My best present was a book set I've been wanting, "Uglies" by Scott Westerfeld!


----------



## Albino_101 (Aug 14, 2008)

Well for the family my parents bought a 55 inch flatscreen tv!!!


----------



## cossie (Dec 19, 2010)

Cor 55" that big I only got a 42


----------



## Corwin (May 23, 2010)

hXcChic22 said:


> My best present was a book set I've been wanting, "Uglies" by Scott Westerfeld!


My girlfriend read that series, she said it were excellent.


My best pressent this year (because I know nothing else can/will top it) was a 46" High Def TV from my girlfriend .


----------



## hXcChic22 (Dec 26, 2009)

The best present I gave was a "ticket" to King's Dominion (which is a theme/amusement park here in Virginia), to my little sister. It was just a voucher I made myself out of construction paper but I wanted something physical to show her. I've been wanting to take her on some real roller coasters, so we're going in the spring, just me and her. God help me, lol.


----------



## funlad3 (Oct 9, 2010)

Amusement park? That'll be fun. SW mini reef? That'll be fun. (Now that I think about it, my FW is a year old in two days if I recall.) TVs? That'll be fun.

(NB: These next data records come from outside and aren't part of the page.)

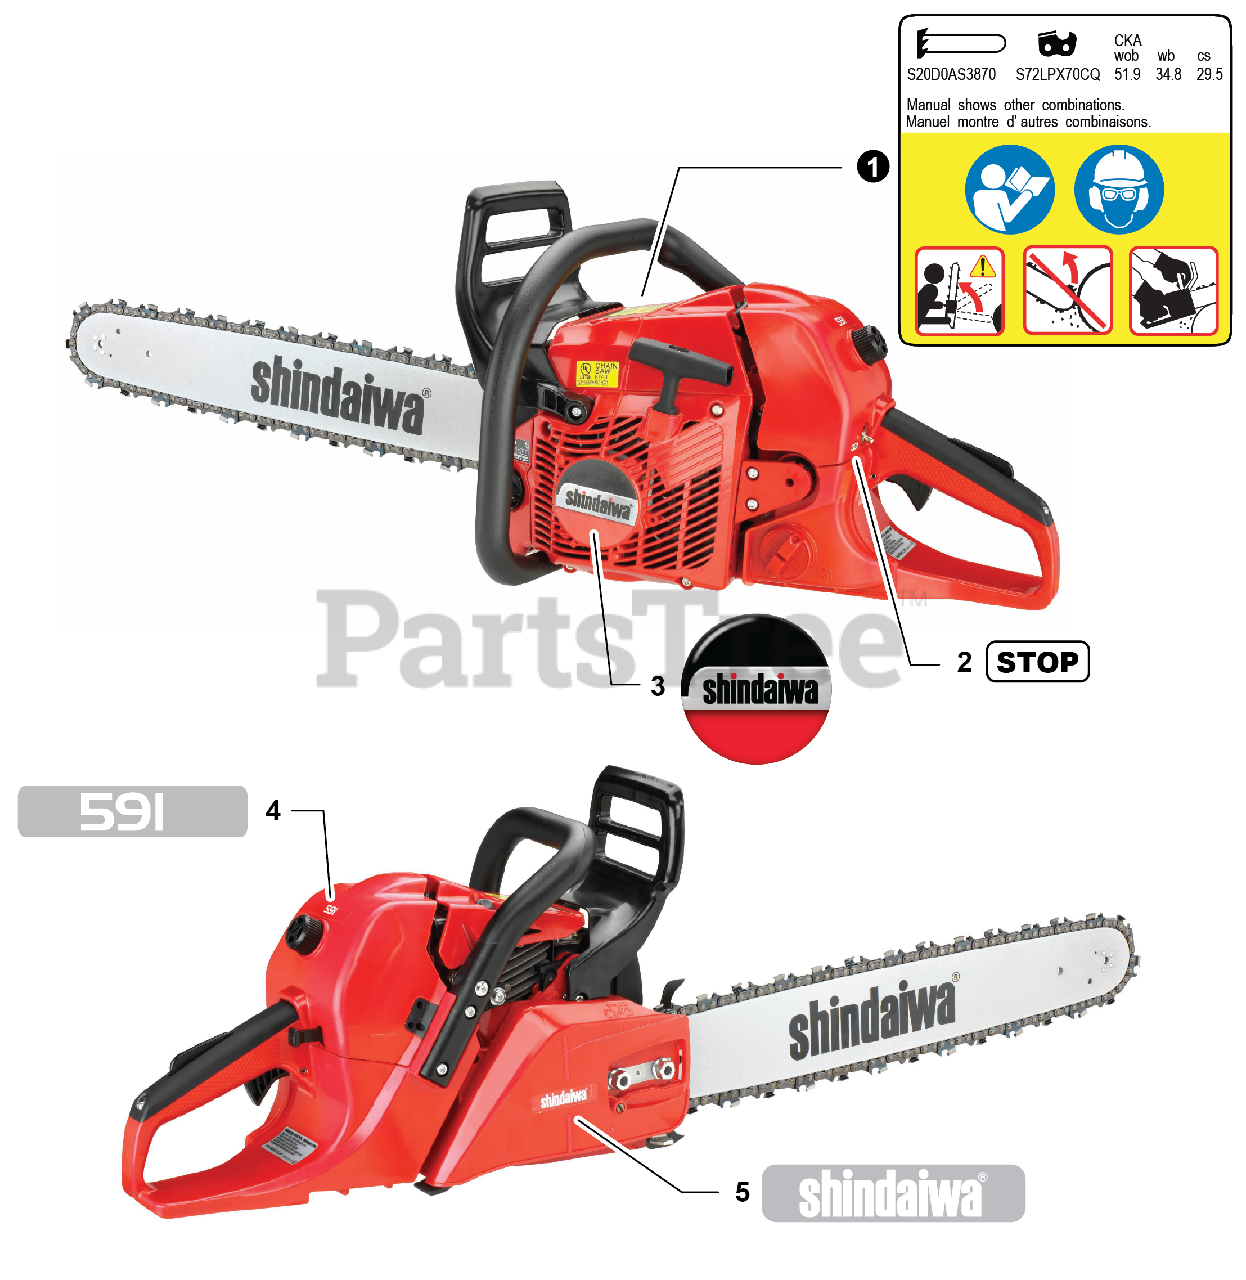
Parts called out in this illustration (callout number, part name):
1	LABEL, CAUTION
2	LABEL, STOP
3	LABEL, STARTER - SHINDAIWA
4	LABEL - MODEL 591
5	LABEL - SHINDAIWA
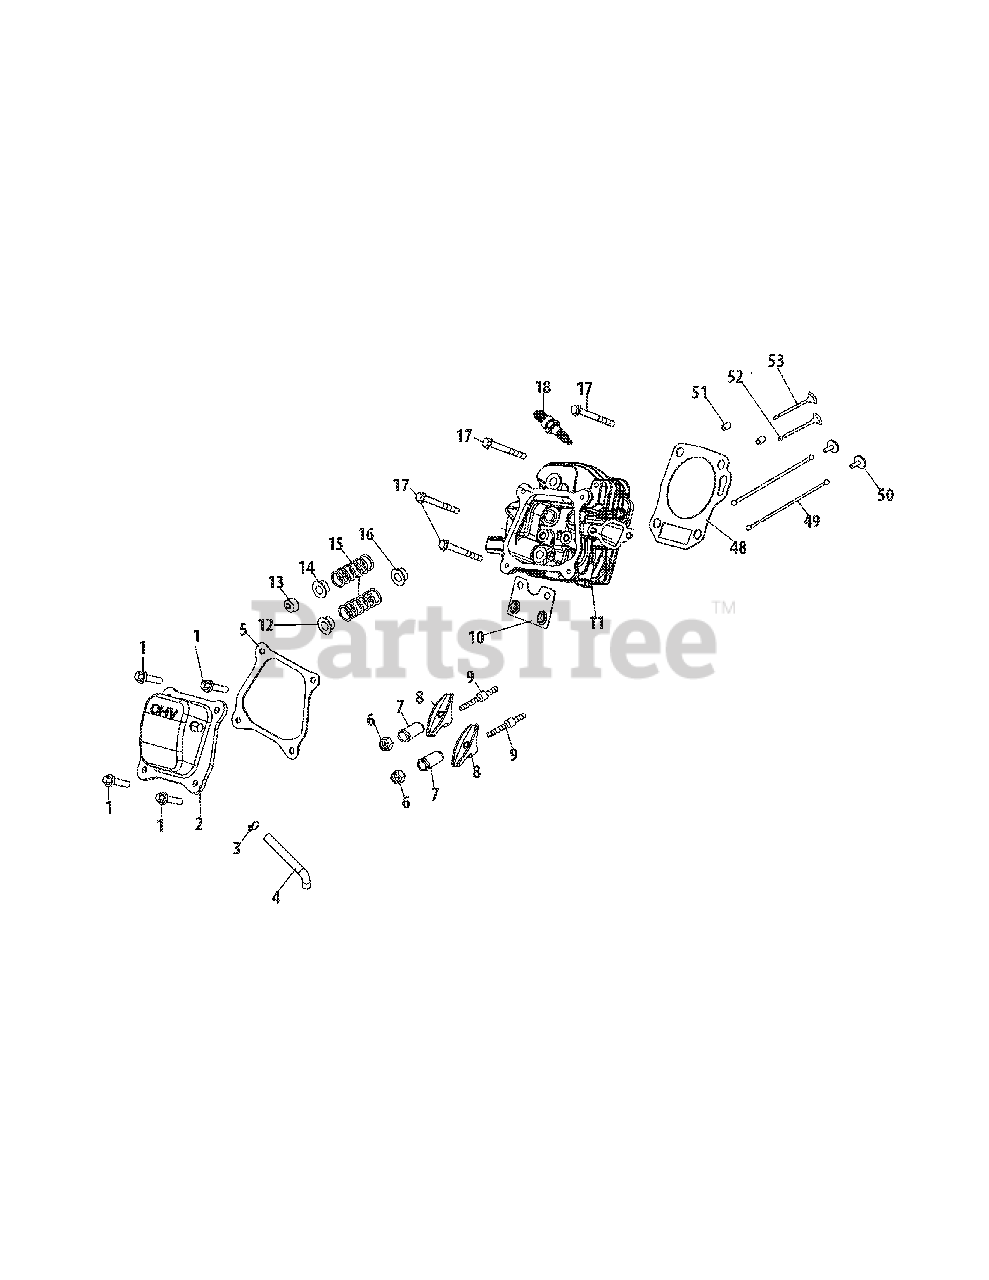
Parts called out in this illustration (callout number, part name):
1	BOLT M6×16
2	CYLINDER HEAD COVER
3	CLAMP, FUEL HOSE
4	VENTING HOUSE
5	GASKET, VALVE COVER
6	LOCK NUT
8	ROCKER ARM
9	ROCKER ARM STUD
10	ROCKER ARM BASE
11	CYLINDER HEAD
12	INTAKE VALVE SPRING SEAT
13	ROTATOR, EXHAUST VALVE
14	EXHAUST VALVE SPRING SEAT
15	SPRING VALVE
16	INTAKE VALVE SEAL
17	BOLT M8×55
18	SPARK PLUG(F6RTC)
48	GASKET,CYLINDER HEAD
49	PUSH ROD
50	TAPPET
51	DOWEL PIN 10×16
52	VALVE INTAKE
53	EXHAUST VAVLE
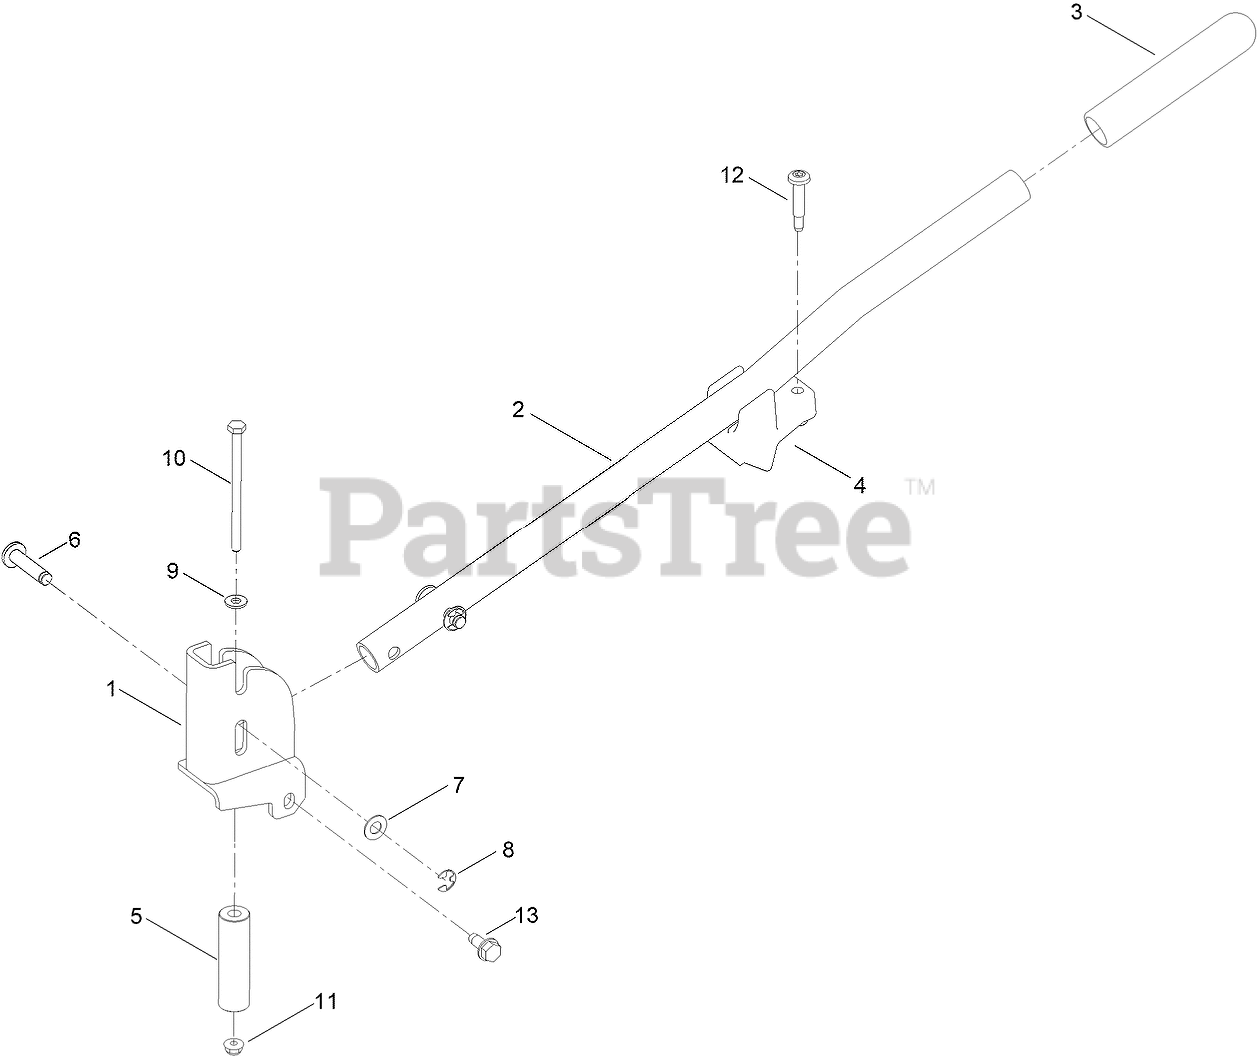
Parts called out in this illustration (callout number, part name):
1	WA-ASSIST BRACKET
2	TUBE-ASSIST
4	RETAINER-HANDLE
5	SPACER-SUPPORT
6	PIN-ASSIST HANDLE
7	WASHER-THRUST
8	E-RING
9	WASHER-FLAT
10	SCREW-HH
11	NUT-HF
12	SCREW-SHOULDER
13	SCREW-HWHTF
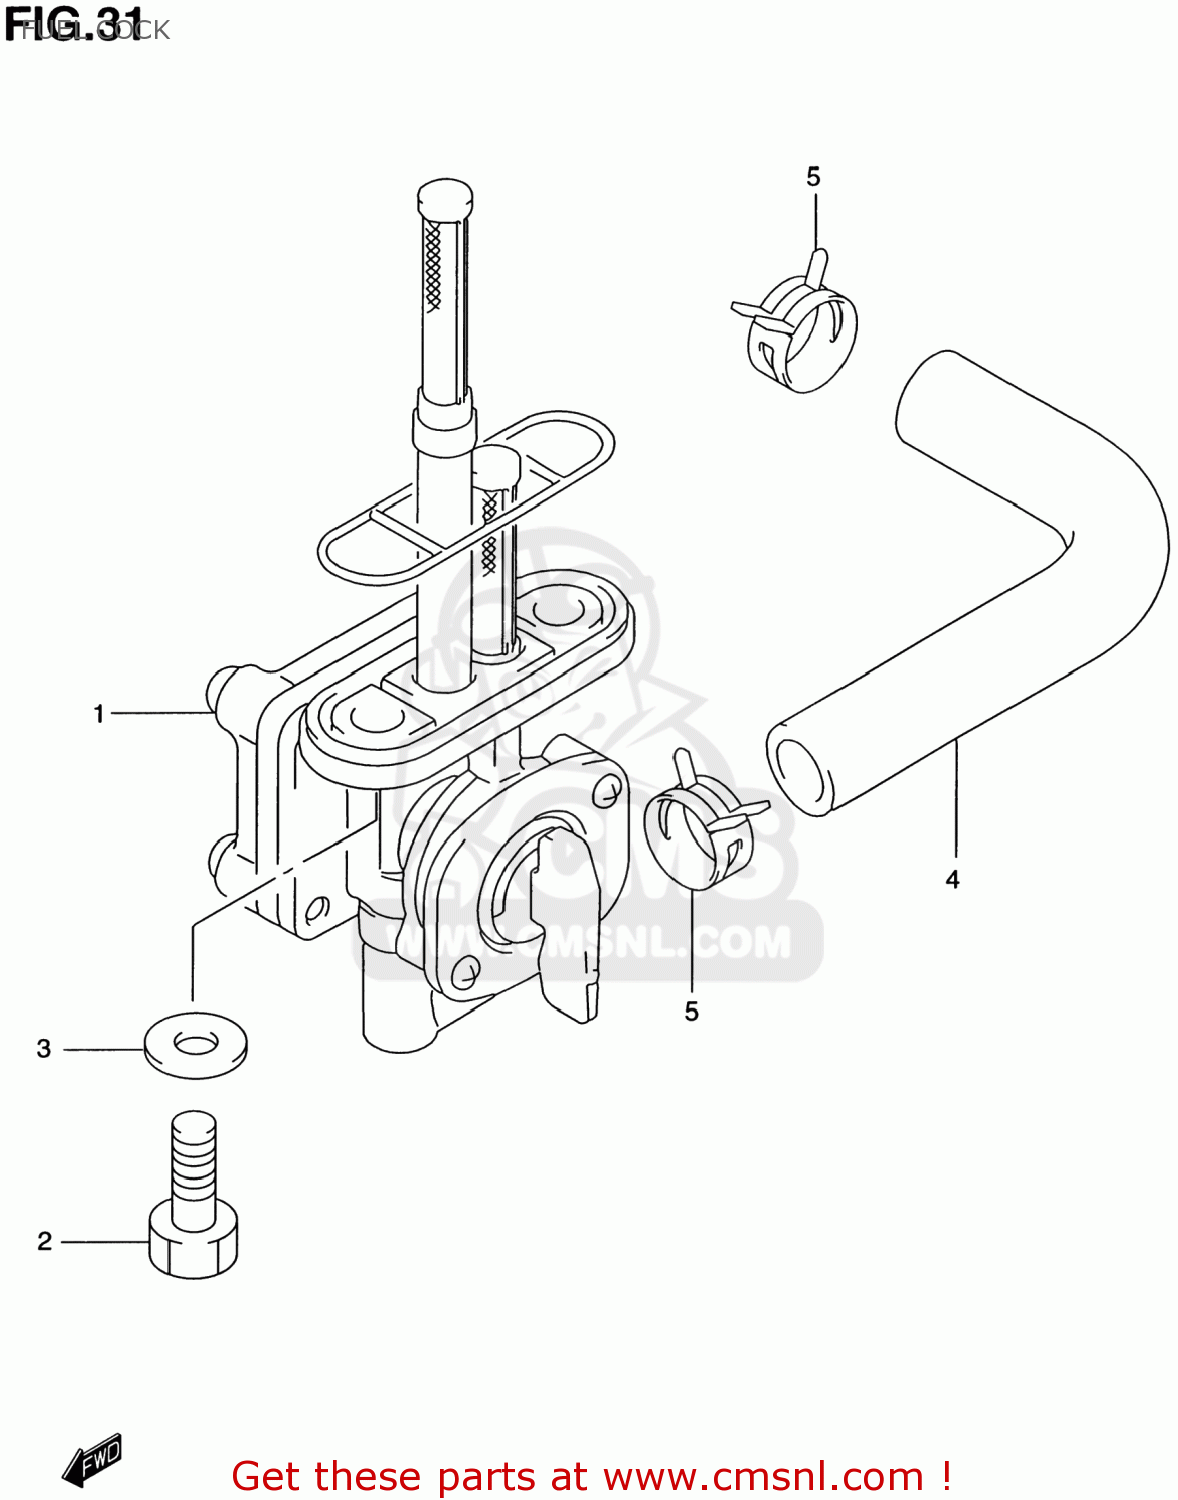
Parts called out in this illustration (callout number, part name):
1	COCK ASSY,FUEL
2	BOLT(6X20)
3	GASKET(6.4X11.5X0.8) (NAS)
4	HOSE(7X12X600)
5	CLIP
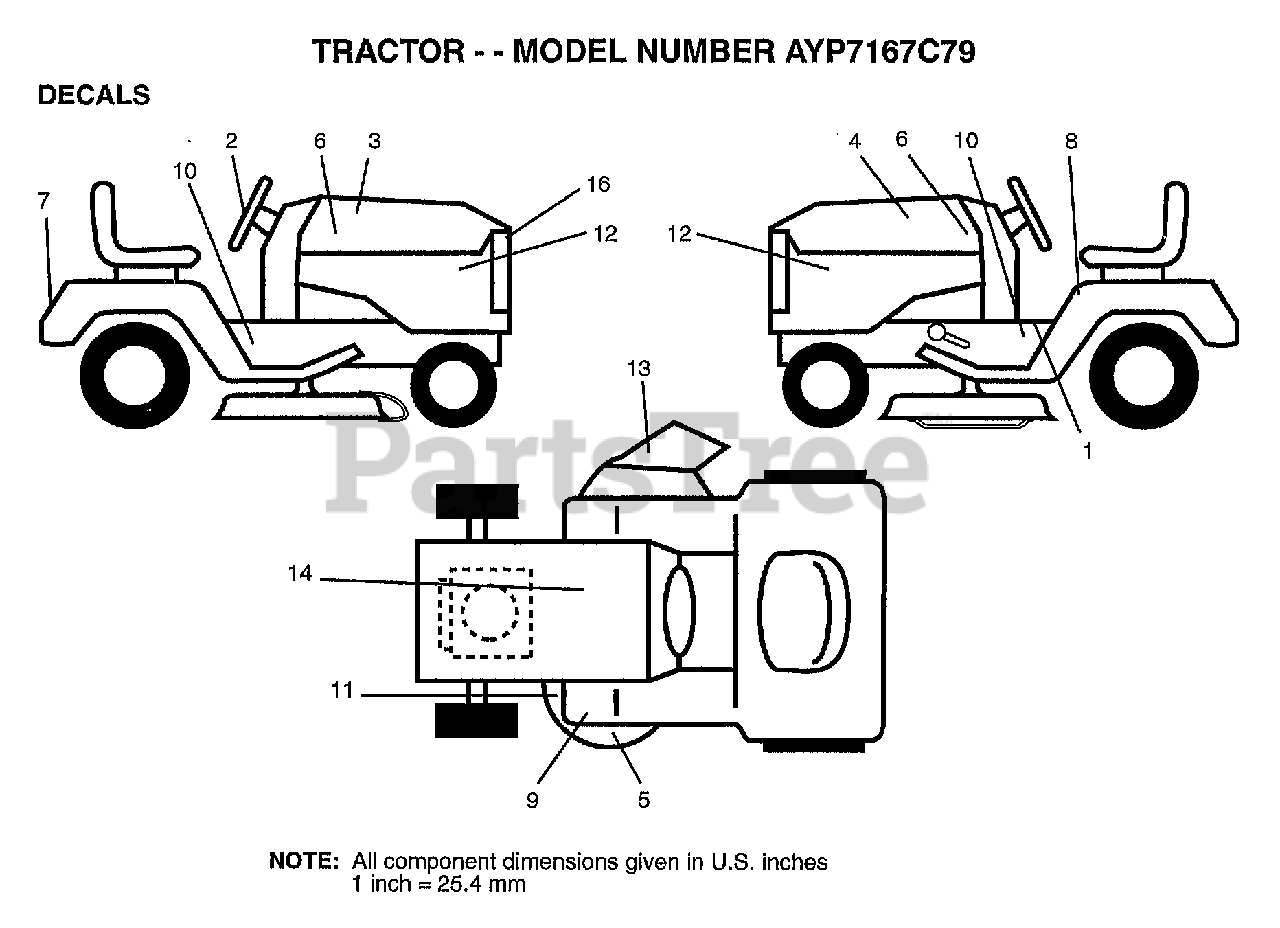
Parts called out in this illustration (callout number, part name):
1	"DECAL DASH,OPER."
2	DECAL STEER WHL
3	DECAL HOOD RH
4	DECAL HOOD LH
5	DECAL DECK WIZ +
6	NAMEPLATE.HD.WIZA
8	"DECAL DANGER,FEND"
10	DECAL CHASSIS WIZ
11	"DECAL-SCHEM,BELT"
12	"DECAL PANEL,SIDE"
13	DECAL DECK MULCH
14	DECAL.BATRY.3-3908
16	DECAL.LENS.WIZARD
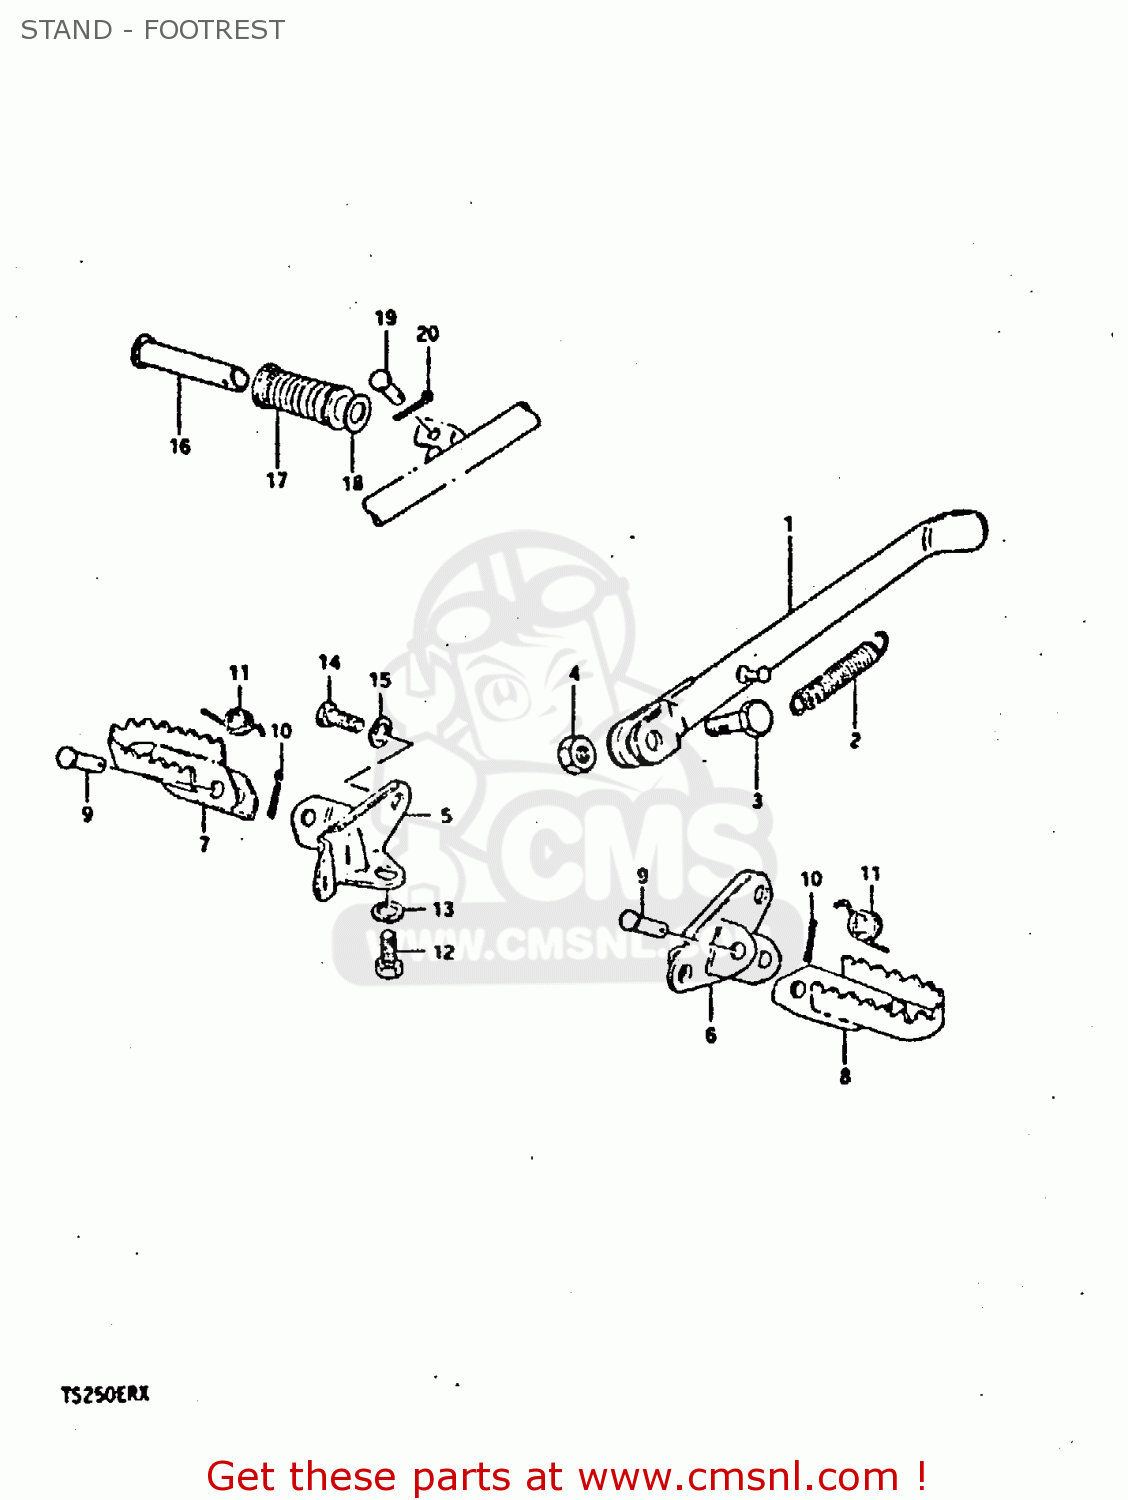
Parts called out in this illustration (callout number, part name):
1	STAND,PROP
2	SPRING
3	BOLT(10X30)
4	NUT
5	HOLDER,FRONT FOOTREST,RIGHT
6	HOLDER,FRONT FOOTREST
7	FOOTREST,FRONT
8	FOOTREST
9	PIN
10	PIN 20X20
11	SPRING
12	BOLT
13	WASHER,LOCK,8.
14	BOLT 8X16
15	WASHER,LOCK,8.
16	BAR,FOOTREST RUBBER
17	RUBBER,PILLION FOOTREST
18	WASHER (19.5X32X2)
19	PIN
20	PIN 20X20

Seeing my cousin from Colorado today? That'll be Funnest!!!!!! (Too use bad grammar. Why isn't Google showing this as a non-word?)

Merry Christmas and Happy Holidays!!!


----------



## burninrubber390 (Oct 25, 2010)

got my 75g and filter luckily my lfs had a good deal of $1 per gallon when they got it


----------



## funlad3 (Oct 9, 2010)

Make it a SW!!! There are tons of new people trying it ON THIS FORUM!!!! We can share our mistakes!!!


----------



## e048 (Dec 23, 2010)

fish wise i got a whisper 100 air pump, but non-fish related i got a nook color


----------



## dan3345 (Jan 27, 2010)

I got a kindle, its so cool! Doesnt beat actually holding a book though. Oh you guys are making me jealous with your saltwater tanks.


----------



## funlad3 (Oct 9, 2010)

Join us Dan, join us.


----------



## dan3345 (Jan 27, 2010)

funlad3 said:


> Join us Dan, join us.


but I dont have the space or money..  If I did a SW tank it would at least 50 gallons no less. And I only have room for a 30 gallon, and my space for a 30 gallon is taken up by my crested gecko.


----------



## burninrubber390 (Oct 25, 2010)

too late i already did a tropical fw tank


----------



## funlad3 (Oct 9, 2010)

Nooooo!!!!!!!


----------



## lohachata (Jan 27, 2006)

i got to watch my 2 granddaughters (1&4) laugh and squeal with delight as they opened and played with their gifts ; and to talk to the woman i love for the day...the only thing that could have been better was to have her here with me..that will be next Christmas..


----------



## funlad3 (Oct 9, 2010)

Lohachata, are you just making your rounds on all of the new threads? (That's what I do!!!)


----------



## dan3345 (Jan 27, 2010)

glad to hear everyone had a nice Christmas, now for the New year! 1 year closer to 2012! 1 year closer to making a lot of gullible kids at my school feel stupid


----------



## funlad3 (Oct 9, 2010)

I do believe that the world will end, (it was predicted by many ancient cultures.... All of the predictions are around the same time...) but people need to calculate when. We have changed the calendar and and added days, taken off days, so we need to recalculate this and find out what things may happen, be it a volcano, a tectonic shift (which would lead to the Earths rotation shifting, causing basically every natural disaster known to man), an asteroid, etc.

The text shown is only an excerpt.